Nun, während bei den anderen Premium Packs die normalen Lüfis zum Einsatz kommen, sind es bei dem von dir genannten eben spezielle, die nur mit diesem Controller laufen (sieht man auch gut im Manual-> http://thermaltake.de/db/support/usermanual/_f850d5a03ddd4a3cb4b173b20687ea8f.pdf). Ergo wirst du diese wohl auch nicht an ner normalen Lüsteu regeln können. Da müsstest du eher zum normalen Premium-Set greifen: Riing 12 LED RGB TT Premium Edition 3-Fan Pack | ttpremium. Da sind es 5 Pin Anschlüsse, je nachdem für was der 5te Pin ist und ob du sie überhaupt wegen der Breite anschliessen kannst, wäre halt einfach die Funktion eingeschränkt.
Wenn du sie eh über die Aquaero regeln willst, kannst du ja auch einfach normale LED Lüfis nehmen. Hast dann halt einfach keine Sonderfeatures und wen ndu solche willst, musst du halt komplett auf ne NZXT Grid oder eben das Tt Set setzen.


----------



## Jan1604 (7. März 2017)

Das ich auf den Controller von Tt setzen müsste wäre eigentlich kein Problem. Aber man findet halt keine Informationen dazu.
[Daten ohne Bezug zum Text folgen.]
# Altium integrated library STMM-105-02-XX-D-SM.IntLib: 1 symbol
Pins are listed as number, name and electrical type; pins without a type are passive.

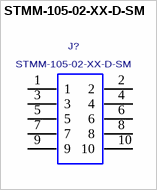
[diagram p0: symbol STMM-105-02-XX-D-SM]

## STMM-105-02-XX-D-SM
designator J?
2 MM TERMINAL STRIP ASSEMBLY, 10 PINS.; MANUFACTURER: SAMTEC
footprint STMM-105-02-XX-D-SM
pins: 1, 2, 3, 4, 5, 6, 7, 8, 9, 10
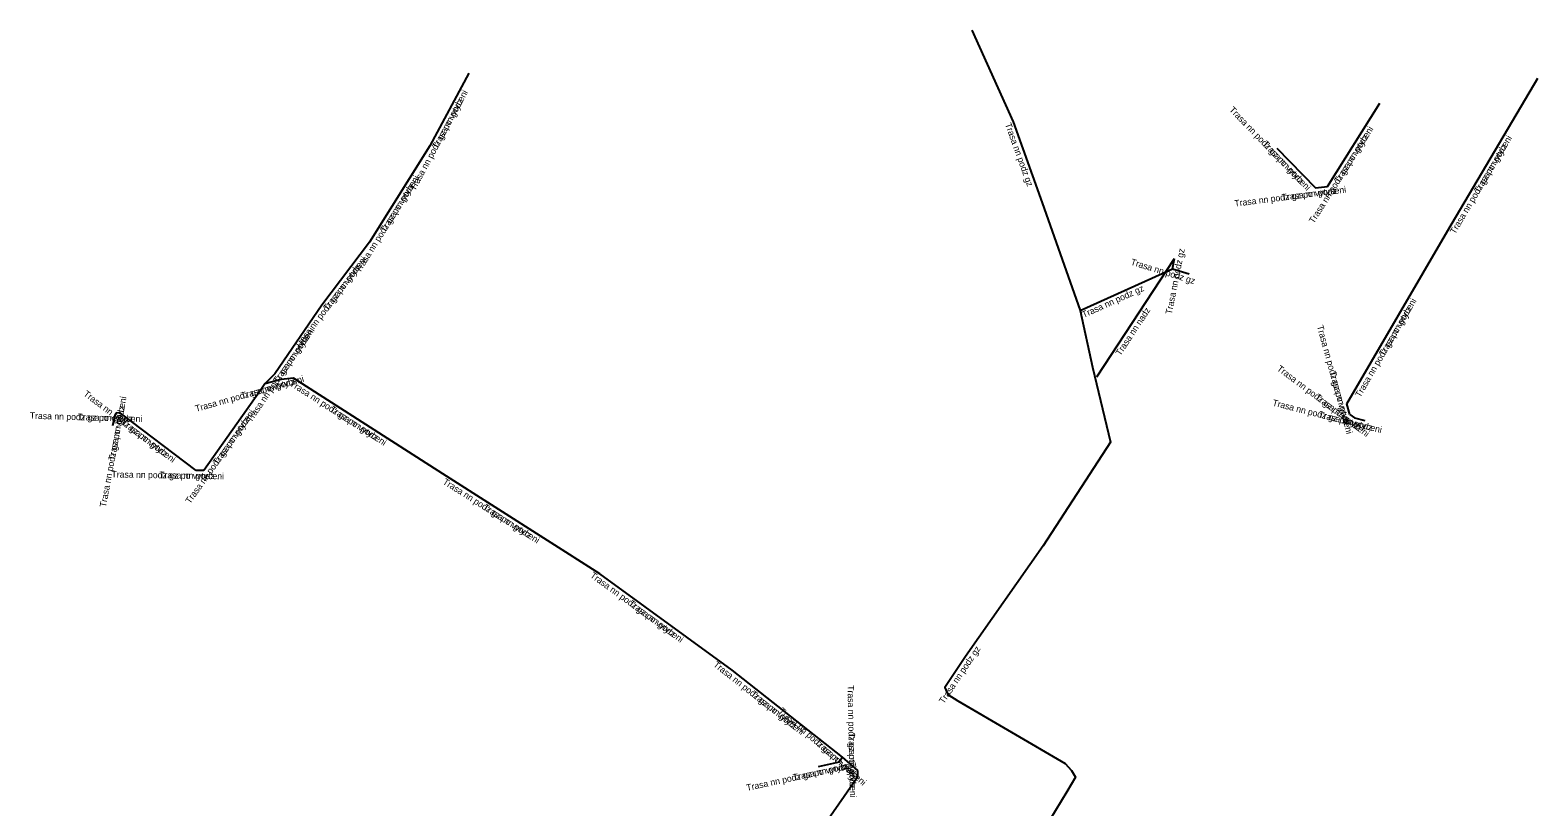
# Model space of a CAD drawing. Extents: x -672293 to -672171, y -1013397 to -1013222.
# Drawn here: x -672292.6 to -672176, y -1013281.7 to -1013221.6 of the extents above; entities that cross this region are included whole.
import ezdxf

# ---------------------------------------------------------------- set-up
doc = ezdxf.new("R2010")
doc.units = 0
doc.layers.add('Popiskový text - Ostatní atributy Trasy', color=7, linetype='Continuous')
doc.layers.add('Spojnice NN', color=7, linetype='Continuous')

msp = doc.modelspace()

# ---------------------------------------------------------------- linework, layer by layer
at = {"layer": 'Spojnice NN'}
for points in [[(-672219.79, -1013221.59), (-672216.6, -1013228.69), (-672214.35, -1013234.96), (-672211.42, -1013243.28)], [(-672258.68, -1013224.91), (-672261.7, -1013230.55)], [(-672258.68, -1013224.91), (-672261.7, -1013230.55)], [(-672182.99, -1013237.1), (-672176.02, -1013225.3)], [(-672182.99, -1013237.1), (-672176.02, -1013225.3)], [(-672192.28, -1013233.68), (-672188.23, -1013227.24)], [(-672192.28, -1013233.68), (-672188.23, -1013227.24)], [(-672261.7, -1013230.55), (-672266.35, -1013237.98)], [(-672261.7, -1013230.55), (-672266.35, -1013237.98)], [(-672196.2, -1013230.71), (-672193.22, -1013233.8)], [(-672196.2, -1013230.71), (-672193.22, -1013233.8)], [(-672193.22, -1013233.8), (-672192.28, -1013233.68)], [(-672193.22, -1013233.8), (-672192.28, -1013233.68)], [(-672190.78, -1013250.51), (-672182.99, -1013237.1)], [(-672190.78, -1013250.51), (-672182.99, -1013237.1)], [(-672266.35, -1013237.98), (-672270.05, -1013242.87)], [(-672266.35, -1013237.98), (-672270.05, -1013242.87)], [(-672210.11, -1013248.41), (-672204.12, -1013239.25)], [(-672204.28, -1013240.05), (-672204.12, -1013239.25)], [(-672211.42, -1013243.28), (-672204.28, -1013240.05)], [(-672204.28, -1013240.05), (-672202.98, -1013240.45)], [(-672270.05, -1013242.87), (-672273.69, -1013248.17), (-672274.45, -1013248.96)], [(-672270.05, -1013242.87), (-672273.69, -1013248.17), (-672274.45, -1013248.96)], [(-672211.42, -1013243.28), (-672210.46, -1013247.66), (-672209.07, -1013253.47), (-672214.26, -1013261.49), (-672220.27, -1013270.05), (-672221.87, -1013272.45), (-672221.65, -1013272.98), (-672220.88, -1013273.48), (-672212.57, -1013278.32), (-672212.07, -1013278.85), (-672211.77, -1013279.37), (-672212.45, -1013280.52), (-672215.95, -1013286.28), (-672216.33, -1013286.81), (-672215.69, -1013287.16), (-672213.67, -1013288.62), (-672211.83, -1013289.8), (-672212.39, -1013290.88)], [(-672272.24, -1013248.5), (-672273.18, -1013248.61), (-672274.45, -1013248.96)], [(-672272.24, -1013248.5), (-672273.18, -1013248.61), (-672274.45, -1013248.96)], [(-672260.7, -1013255.91), (-672272.24, -1013248.5)], [(-672260.7, -1013255.91), (-672272.24, -1013248.5)], [(-672274.45, -1013248.96), (-672274.81, -1013249.49), (-672279.18, -1013255.66)], [(-672274.45, -1013248.96), (-672274.81, -1013249.49), (-672279.18, -1013255.66)], [(-672285.95, -1013251.2), (-672286.06, -1013251.38), (-672286.22, -1013252.21)], [(-672285.95, -1013251.2), (-672286.06, -1013251.38), (-672286.22, -1013252.21)], [(-672285.61, -1013251.21), (-672285.95, -1013251.2)], [(-672285.61, -1013251.21), (-672285.95, -1013251.2)], [(-672279.75, -1013255.65), (-672285.61, -1013251.21)], [(-672279.75, -1013255.65), (-672285.61, -1013251.21)], [(-672190.56, -1013251.31), (-672190.78, -1013250.51)], [(-672190.56, -1013251.31), (-672190.78, -1013250.51)], [(-672190.56, -1013251.31), (-672190.2, -1013251.58)], [(-672190.56, -1013251.31), (-672190.2, -1013251.58)], [(-672190.2, -1013251.58), (-672189.4, -1013251.78)], [(-672190.2, -1013251.58), (-672189.4, -1013251.78)], [(-672279.18, -1013255.66), (-672279.75, -1013255.65)], [(-672279.18, -1013255.66), (-672279.75, -1013255.65)], [(-672248.56, -1013263.64), (-672260.7, -1013255.91)], [(-672248.56, -1013263.64), (-672260.7, -1013255.91)], [(-672238.32, -1013271.11), (-672248.56, -1013263.64)], [(-672238.32, -1013271.11), (-672248.56, -1013263.64)], [(-672229.78, -1013277.83), (-672238.32, -1013271.11)], [(-672229.78, -1013277.83), (-672238.32, -1013271.11)], [(-672229.78, -1013277.83), (-672230.04, -1013278.23), (-672231.68, -1013278.59)], [(-672229.78, -1013277.83), (-672230.04, -1013278.23), (-672231.68, -1013278.59)], [(-672228.61, -1013278.86), (-672229.78, -1013277.83)], [(-672228.61, -1013278.86), (-672229.78, -1013277.83)], [(-672228.6, -1013279.32), (-672228.61, -1013278.86)], [(-672228.6, -1013279.32), (-672228.61, -1013278.86)], [(-672234.89, -1013288.38), (-672228.6, -1013279.32)], [(-672234.89, -1013288.38), (-672228.6, -1013279.32)]]:
    msp.add_lwpolyline(points, dxfattribs=at)

# ---------------------------------------------------------------- texts
at = {"layer": 'Popiskový text - Ostatní atributy Trasy'}
for s, rotation, p in [('Trasa nn podz gz po vytyceni', 61.8327, (-672262.84, -1013234.06)), ('Trasa nn podz', 61.8327, (-672261.1, -1013230.81)), ('Trasa nn podz gz po vytyceni', 313.9604, (-672199.92, -1013227.79)), ('Trasa nn podz gz', 289.7406, (-672217.23, -1013228.87)), ('Trasa nn podz gz po vytyceni', 57.835, (-672193.34, -1013236.59)), ('Trasa nn podz', 313.9604, (-672197.36, -1013230.44)), ('Trasa nn podz', 57.835, (-672191.38, -1013233.47)), ('Trasa nn podz gz po vytyceni', 59.4306, (-672182.42, -1013237.41)), ('Trasa nn podz', 59.4306, (-672180.55, -1013234.24)), ('Trasa nn podz gz po vytyceni', 57.96, (-672267.1, -1013240.4)), ('Trasa nn podz', 57.96, (-672265.14, -1013237.28)), ('Trasa nn podz gz po vytyceni', 7.275, (-672199.45, -1013235.25)), ('Trasa nn podz', 7.275, (-672195.79, -1013234.78)), ('Trasa nn podz gz po vytyceni', 52.8872, (-672271.8, -1013246.27)), ('Trasa nn podz gz', 342.8973, (-672207.54, -1013239.73)), ('Trasa nn podz gz', 78.6901, (-672204.33, -1013243.6)), ('Trasa nn podz', 52.8872, (-672269.58, -1013243.33)), ('Trasa nn podz gz', 24.3411, (-672211.13, -1013243.86)), ('Trasa nn podz gz po vytyceni', 59.8473, (-672189.75, -1013250.04)), ('Trasa nn podz', 59.8473, (-672187.9, -1013246.85)), ('Trasa nn nadz', 56.8151, (-672208.29, -1013246.82)), ('Trasa nn podz gz po vytyceni', 55.519, (-672275.51, -1013251.97)), ('Trasa nn podz', 55.519, (-672273.43, -1013248.94)), ('Trasa nn podz gz po vytyceni', 285.3763, (-672193.11, -1013244.49)), ('Trasa nn podz gz po vytyceni', 323.1301, (-672196.24, -1013247.87)), ('Trasa nn podz gz po vytyceni', 15.6064, (-672279.76, -1013251.12)), ('Trasa nn podz', 15.6064, (-672276.22, -1013250.13)), ('Trasa nn podz gz po vytyceni', 327.2949, (-672272.57, -1013249.06)), ('Trasa nn podz', 285.3763, (-672192.13, -1013248.05)), ('Trasa nn podz gz po vytyceni', 322.8495, (-672288.52, -1013249.82)), ('Trasa nn podz gz po vytyceni', 79.3887, (-672286.74, -1013258.52)), ('Trasa nn podz', 323.1301, (-672193.29, -1013250.08)), ('Trasa nn podz gz po vytyceni', 358.3003, (-672292.63, -1013251.65)), ('Trasa nn podz', 79.3887, (-672286.06, -1013254.9)), ('Trasa nn podz gz po vytyceni', 54.6624, (-672280.23, -1013258.27)), ('Trasa nn podz', 327.2949, (-672269.47, -1013251.05)), ('Trasa nn podz gz po vytyceni', 345.7949, (-672196.58, -1013250.63)), ('Trasa nn podz', 345.7949, (-672193.01, -1013251.54)), ('Trasa nn podz', 358.3003, (-672288.94, -1013251.76)), ('Trasa nn podz', 322.8495, (-672285.58, -1013252.05)), ('Trasa nn podz', 54.6624, (-672278.1, -1013255.26)), ('Trasa nn podz gz po vytyceni', 358.9949, (-672286.31, -1013256.19)), ('Trasa nn podz', 358.9949, (-672282.62, -1013256.25)), ('Trasa nn podz gz po vytyceni', 327.5135, (-672260.74, -1013256.65)), ('Trasa nn podz', 327.5135, (-672257.63, -1013258.63)), ('Trasa nn podz gz po vytyceni', 323.8895, (-672249.34, -1013263.87)), ('Trasa nn podz', 323.8895, (-672246.37, -1013266.04)), ('Trasa nn podz gz', 56.3099, (-672221.95, -1013273.74)), ('Trasa nn podz gz po vytyceni', 321.8013, (-672239.82, -1013270.76)), ('Trasa nn podz', 321.8013, (-672236.93, -1013273.03)), ('Trasa nn podz gz po vytyceni', 271.2454, (-672229.4, -1013272.27)), ('Trasa nn podz gz po vytyceni', 318.6412, (-672234.75, -1013274.32)), ('Trasa nn podz', 318.6412, (-672231.99, -1013276.75)), ('Trasa nn podz', 271.2454, (-672229.32, -1013275.96)), ('Trasa nn podz gz po vytyceni', 12.2698, (-672237.16, -1013280.45)), ('Trasa nn podz', 12.2698, (-672233.56, -1013279.66))]:
    msp.add_text(s, height=0.5, rotation=rotation, dxfattribs=at).set_placement(p)

doc.saveas('drawing.dxf')

An den Controller können 5 Lüfter angschlossen werden. Aber nur 3 Lüfter sind dazu.
Jetzt ist halt die Frage welche Lüfter passen an den Controller. Ich bräuche ja noch einen weiteren 120 Lüfter für den Radiator und einen 140 Lüfter für die Rückseite des Gehäuses..
Das würde genau passen mit einen Controller.. und später hätte ich ja auch die möglichkeit einen weiteren Controller zu holen.
Deswegen habe ich ja auch schon Tt direkt angeschrieben. Aber bisher keine Antwort bekommen


----------



## Chimera (7. März 2017)

Wie schon gesagt: wenn dir die Riing zu unsicher sind, dann geh lieber den Weg mit NZXT und dem Grid oder dann den Weg der Beleutung mit dem Eislicht von Alphacool. Dass Tt jeweils nen eigenen Weg geht und versucht möglichst sein Zeugs nur für die eigene Ware kompatibel zu machen, ist nix neues (gab es früher bei denen auch schon häufig). Du kannst natürlich auch einfach mal dem Tt Support schreiben und fragen, wobei die Chance auf Antwort wohl ähnlich gross ist wie auf nen Gewinn im Casino. Denn als ich mich bei denen beschweren wollt, dass bei meinem Tempered Glass Seitenteil was im Pack fehlte, erhielt ich...genau, bis heute nicht ein Wort als Antwort (warte nun schon 2 Monate). Ist also eh kein so gutes Zeichen, wenn ein Support so wenig Interesse zeigt.
Meine persönliche(!) Meinung zu LED Lüfis: wirkt in vielen Fällen halt einfach wie billiges Bling-Bling. Sicher, es gibt wirklich schöne Rigs mit LED Lüfis, doch auch viele die wie billiges Spielzeug aussehen, weil sie mit LED Lüfis zugestopft sind. Manchmal ist die indirekte Beleuchtung die schönere.
Nun, im Endeffekt hast du drei Möglichkeiten: entweder einfach mal kaufen und dann gucken, ob es geht oder einfach mal den Support anschreiben und hoffen, dass sie dir ne Antwort geben oder halt einfach ne andere Lösung wählen.


----------